# statischer Konstruktor



## Dwaine (16. Dez 2003)

Was ist ein statischer Konstruktor?Wann wird er aufgerufen und vorallem wie wird er erstellt? Und was ist generell der Unterschied zwischen statisch und dynamisch. :?:  :?:  :?: 

Danke schon ma im voraus.


----------



## Stefan1200 (16. Dez 2003)

Kontruktoren werden immer aufgerufen, wenn eine Klasse aufgerufen wird.
Kontruktoren haben den selben Namen wie die Klasse.

Zu den anderen Fragen möchte ich doch glatt abgegeben an meine Forum Kollegen ;-)


----------



## Zaron (16. Dez 2003)

static darf soweit ich weiß garnicht vor den Konstruktor einer Klasse gesetzt werden (wäre ja auch blöd, da der Konstruktor ja eine Instanz der Klasse erzeugt und Instanzen sind nicht statisch *g* )

static bedeutet, dass die Methode (oder Variable) zur Klasse gehört was sich wie folgt äußert:  Klassenname.statischeMethode(); anstelle von objektname.methode();


----------



## Ebenius (16. Dez 2003)

> Was ist ein statischer Konstruktor?


Meinst Du vielleicht nicht "Konstruktor" sondern _static initializer_s?

Es grüßt Ebenius


----------



## jptc.org (17. Dez 2003)

So ich versuche mal zusammenzufassen  . 

Also statische Konstruktoren gibt es nicht!
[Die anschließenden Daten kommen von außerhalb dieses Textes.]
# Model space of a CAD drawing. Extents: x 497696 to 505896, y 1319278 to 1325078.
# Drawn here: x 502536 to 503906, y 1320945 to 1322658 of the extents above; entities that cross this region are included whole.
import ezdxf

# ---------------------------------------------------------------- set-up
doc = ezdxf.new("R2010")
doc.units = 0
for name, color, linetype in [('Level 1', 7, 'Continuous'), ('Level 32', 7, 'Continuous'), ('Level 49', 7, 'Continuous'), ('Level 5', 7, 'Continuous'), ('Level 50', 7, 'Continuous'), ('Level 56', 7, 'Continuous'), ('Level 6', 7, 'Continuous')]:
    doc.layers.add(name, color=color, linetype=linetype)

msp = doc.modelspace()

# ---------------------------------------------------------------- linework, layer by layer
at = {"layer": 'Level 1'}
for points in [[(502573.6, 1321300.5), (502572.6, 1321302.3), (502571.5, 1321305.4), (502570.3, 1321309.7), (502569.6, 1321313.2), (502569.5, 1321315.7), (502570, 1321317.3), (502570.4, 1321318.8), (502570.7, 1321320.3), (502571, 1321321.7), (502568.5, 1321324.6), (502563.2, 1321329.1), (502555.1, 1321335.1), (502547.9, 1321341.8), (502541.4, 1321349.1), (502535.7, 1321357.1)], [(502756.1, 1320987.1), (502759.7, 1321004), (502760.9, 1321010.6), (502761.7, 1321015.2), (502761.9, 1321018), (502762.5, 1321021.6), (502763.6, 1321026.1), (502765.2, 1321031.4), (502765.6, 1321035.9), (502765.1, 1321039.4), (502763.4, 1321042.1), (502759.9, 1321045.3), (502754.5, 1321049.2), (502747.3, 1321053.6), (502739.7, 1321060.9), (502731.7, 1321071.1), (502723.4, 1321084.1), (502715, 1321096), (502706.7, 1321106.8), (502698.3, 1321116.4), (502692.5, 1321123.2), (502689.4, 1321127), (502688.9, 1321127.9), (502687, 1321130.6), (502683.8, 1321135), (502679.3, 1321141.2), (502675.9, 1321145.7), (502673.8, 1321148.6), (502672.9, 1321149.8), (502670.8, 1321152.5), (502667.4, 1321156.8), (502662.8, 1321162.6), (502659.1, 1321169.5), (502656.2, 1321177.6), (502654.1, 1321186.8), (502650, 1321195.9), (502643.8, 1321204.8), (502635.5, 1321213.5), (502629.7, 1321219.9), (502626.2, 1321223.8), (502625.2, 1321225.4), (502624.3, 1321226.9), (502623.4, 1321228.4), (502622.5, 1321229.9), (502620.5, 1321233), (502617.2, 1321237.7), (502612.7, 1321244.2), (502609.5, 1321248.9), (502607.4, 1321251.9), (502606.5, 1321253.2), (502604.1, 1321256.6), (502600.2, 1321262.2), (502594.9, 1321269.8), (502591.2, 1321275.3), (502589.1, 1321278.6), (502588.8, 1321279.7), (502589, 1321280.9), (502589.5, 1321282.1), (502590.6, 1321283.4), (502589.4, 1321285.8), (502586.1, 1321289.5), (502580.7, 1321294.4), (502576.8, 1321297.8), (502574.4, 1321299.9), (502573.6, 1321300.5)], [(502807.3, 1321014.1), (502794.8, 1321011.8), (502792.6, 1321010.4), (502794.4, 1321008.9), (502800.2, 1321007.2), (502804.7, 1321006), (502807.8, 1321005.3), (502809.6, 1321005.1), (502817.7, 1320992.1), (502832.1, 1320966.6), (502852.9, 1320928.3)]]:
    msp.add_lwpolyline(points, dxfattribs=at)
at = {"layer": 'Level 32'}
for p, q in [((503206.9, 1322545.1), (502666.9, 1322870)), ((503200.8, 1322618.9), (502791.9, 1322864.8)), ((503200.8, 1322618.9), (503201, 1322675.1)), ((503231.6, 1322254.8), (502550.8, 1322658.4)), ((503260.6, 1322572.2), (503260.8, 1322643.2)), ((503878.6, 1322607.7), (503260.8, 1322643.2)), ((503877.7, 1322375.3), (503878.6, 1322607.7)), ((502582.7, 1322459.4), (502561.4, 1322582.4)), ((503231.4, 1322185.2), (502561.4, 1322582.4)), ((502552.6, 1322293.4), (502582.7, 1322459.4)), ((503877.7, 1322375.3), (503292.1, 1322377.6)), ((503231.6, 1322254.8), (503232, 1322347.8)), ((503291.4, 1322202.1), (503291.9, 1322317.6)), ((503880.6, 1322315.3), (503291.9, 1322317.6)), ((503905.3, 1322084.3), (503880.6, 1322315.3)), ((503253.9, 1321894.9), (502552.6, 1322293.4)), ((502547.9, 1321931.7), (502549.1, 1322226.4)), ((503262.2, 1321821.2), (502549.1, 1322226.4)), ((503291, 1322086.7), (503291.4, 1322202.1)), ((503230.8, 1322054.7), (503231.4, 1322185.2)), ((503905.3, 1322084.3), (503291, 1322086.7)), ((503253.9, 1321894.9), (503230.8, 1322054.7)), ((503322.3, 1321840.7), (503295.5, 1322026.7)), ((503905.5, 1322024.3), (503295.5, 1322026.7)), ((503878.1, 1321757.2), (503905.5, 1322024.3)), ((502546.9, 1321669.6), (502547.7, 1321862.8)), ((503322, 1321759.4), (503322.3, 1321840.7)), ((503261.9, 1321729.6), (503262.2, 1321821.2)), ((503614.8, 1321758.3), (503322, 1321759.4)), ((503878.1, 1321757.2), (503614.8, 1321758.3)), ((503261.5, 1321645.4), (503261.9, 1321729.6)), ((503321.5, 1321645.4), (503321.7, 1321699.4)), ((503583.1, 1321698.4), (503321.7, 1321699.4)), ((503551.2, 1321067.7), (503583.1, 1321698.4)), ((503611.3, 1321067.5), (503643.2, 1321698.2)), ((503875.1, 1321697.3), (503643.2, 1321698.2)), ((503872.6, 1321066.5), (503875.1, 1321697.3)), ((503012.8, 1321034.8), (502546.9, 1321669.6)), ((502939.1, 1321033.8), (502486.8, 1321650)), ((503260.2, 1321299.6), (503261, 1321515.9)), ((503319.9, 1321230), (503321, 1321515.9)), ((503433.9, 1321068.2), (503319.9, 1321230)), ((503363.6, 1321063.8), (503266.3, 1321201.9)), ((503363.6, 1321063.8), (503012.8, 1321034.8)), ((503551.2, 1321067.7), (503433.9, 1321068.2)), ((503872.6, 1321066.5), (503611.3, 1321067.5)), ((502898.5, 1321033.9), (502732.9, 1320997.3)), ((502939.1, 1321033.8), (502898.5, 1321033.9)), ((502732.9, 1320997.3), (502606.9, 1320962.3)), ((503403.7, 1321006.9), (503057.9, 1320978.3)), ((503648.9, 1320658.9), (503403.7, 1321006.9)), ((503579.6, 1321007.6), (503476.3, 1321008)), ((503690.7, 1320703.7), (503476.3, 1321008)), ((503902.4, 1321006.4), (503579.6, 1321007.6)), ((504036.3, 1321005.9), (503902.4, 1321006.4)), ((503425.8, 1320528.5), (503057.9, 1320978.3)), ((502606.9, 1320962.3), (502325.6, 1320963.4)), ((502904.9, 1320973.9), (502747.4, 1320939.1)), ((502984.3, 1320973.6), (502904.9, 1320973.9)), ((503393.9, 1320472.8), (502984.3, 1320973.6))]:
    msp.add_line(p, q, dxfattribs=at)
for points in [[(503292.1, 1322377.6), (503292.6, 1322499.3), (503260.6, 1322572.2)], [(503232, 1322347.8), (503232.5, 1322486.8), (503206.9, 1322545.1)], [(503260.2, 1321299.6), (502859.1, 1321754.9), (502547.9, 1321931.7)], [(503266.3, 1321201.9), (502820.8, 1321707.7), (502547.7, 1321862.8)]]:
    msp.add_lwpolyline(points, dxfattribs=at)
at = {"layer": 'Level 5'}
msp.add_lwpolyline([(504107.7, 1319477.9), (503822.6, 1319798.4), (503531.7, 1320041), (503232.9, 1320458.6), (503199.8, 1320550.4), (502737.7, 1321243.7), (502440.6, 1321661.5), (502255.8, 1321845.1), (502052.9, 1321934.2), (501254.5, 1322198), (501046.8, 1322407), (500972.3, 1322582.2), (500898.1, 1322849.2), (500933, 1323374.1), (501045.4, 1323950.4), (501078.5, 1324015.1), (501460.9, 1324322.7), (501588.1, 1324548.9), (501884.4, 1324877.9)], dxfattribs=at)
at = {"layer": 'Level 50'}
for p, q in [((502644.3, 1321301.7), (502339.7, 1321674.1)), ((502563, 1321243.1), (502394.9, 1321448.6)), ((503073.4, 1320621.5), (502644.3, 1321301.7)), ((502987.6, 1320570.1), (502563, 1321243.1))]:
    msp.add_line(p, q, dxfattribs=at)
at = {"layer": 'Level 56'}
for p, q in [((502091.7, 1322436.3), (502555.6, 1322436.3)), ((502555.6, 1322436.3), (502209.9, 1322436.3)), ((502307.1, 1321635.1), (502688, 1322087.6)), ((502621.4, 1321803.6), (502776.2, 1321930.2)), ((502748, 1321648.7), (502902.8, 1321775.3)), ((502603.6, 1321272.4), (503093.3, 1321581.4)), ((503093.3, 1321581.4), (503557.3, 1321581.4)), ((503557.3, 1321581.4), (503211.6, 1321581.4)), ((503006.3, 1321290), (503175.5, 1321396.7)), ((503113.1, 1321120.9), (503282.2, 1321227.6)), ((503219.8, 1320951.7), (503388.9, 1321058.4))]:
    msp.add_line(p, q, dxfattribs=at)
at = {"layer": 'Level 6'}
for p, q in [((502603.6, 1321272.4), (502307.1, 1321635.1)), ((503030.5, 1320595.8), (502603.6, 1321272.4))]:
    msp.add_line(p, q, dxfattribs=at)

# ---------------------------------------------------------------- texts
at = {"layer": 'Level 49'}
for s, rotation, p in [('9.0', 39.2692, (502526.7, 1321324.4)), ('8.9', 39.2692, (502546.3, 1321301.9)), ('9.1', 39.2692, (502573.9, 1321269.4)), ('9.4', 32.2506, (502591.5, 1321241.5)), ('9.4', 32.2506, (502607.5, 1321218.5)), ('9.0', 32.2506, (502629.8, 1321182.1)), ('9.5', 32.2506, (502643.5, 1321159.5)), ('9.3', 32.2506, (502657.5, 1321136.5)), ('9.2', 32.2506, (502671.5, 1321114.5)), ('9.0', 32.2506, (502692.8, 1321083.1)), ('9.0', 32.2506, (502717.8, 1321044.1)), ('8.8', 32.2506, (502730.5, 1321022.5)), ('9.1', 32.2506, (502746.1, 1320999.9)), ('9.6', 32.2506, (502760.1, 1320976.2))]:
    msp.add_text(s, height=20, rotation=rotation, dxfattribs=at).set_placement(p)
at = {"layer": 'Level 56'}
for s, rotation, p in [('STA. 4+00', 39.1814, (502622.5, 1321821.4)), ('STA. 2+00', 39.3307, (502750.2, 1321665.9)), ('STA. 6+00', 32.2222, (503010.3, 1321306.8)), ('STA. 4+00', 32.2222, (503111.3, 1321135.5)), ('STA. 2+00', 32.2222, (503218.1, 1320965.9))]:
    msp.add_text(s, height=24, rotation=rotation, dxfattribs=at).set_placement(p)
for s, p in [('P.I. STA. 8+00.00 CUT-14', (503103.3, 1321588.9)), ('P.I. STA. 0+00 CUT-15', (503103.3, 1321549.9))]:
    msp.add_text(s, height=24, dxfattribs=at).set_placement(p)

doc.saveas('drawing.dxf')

Alles was statisch (static) an einer Klasse ist, ist nicht an eine konkrete Objektinstanz der Klasse gebunden. Am besten sieht man das bei statischen Variablen. Wenn man zwei Instanzen einer Klasse hat und in einer Klasse eine statische Variable ändert, so ist die Änderung auch sofort in der zweiten Instanz der Klasse zu sehen. D.h. static Variable werden pro Klasse und nicht pro Instanz gespeichert.

Um eine Instanz einer Klasse anzulegen werden Konstruktoren verwendet. Erbt eine Klasse von einer anderen, so werden beim Instanziieren immer auch die entsprechenden Konstruktoren der Superklasse aufgerufen. Es wird also einfach die Hierarchie nach oben gewandert, dabei werden immer die Konstruktoren mit den gleichen Parametern verwendet, es sei denn man ruft selbst super() mit einer anderen Parameterzahl auf.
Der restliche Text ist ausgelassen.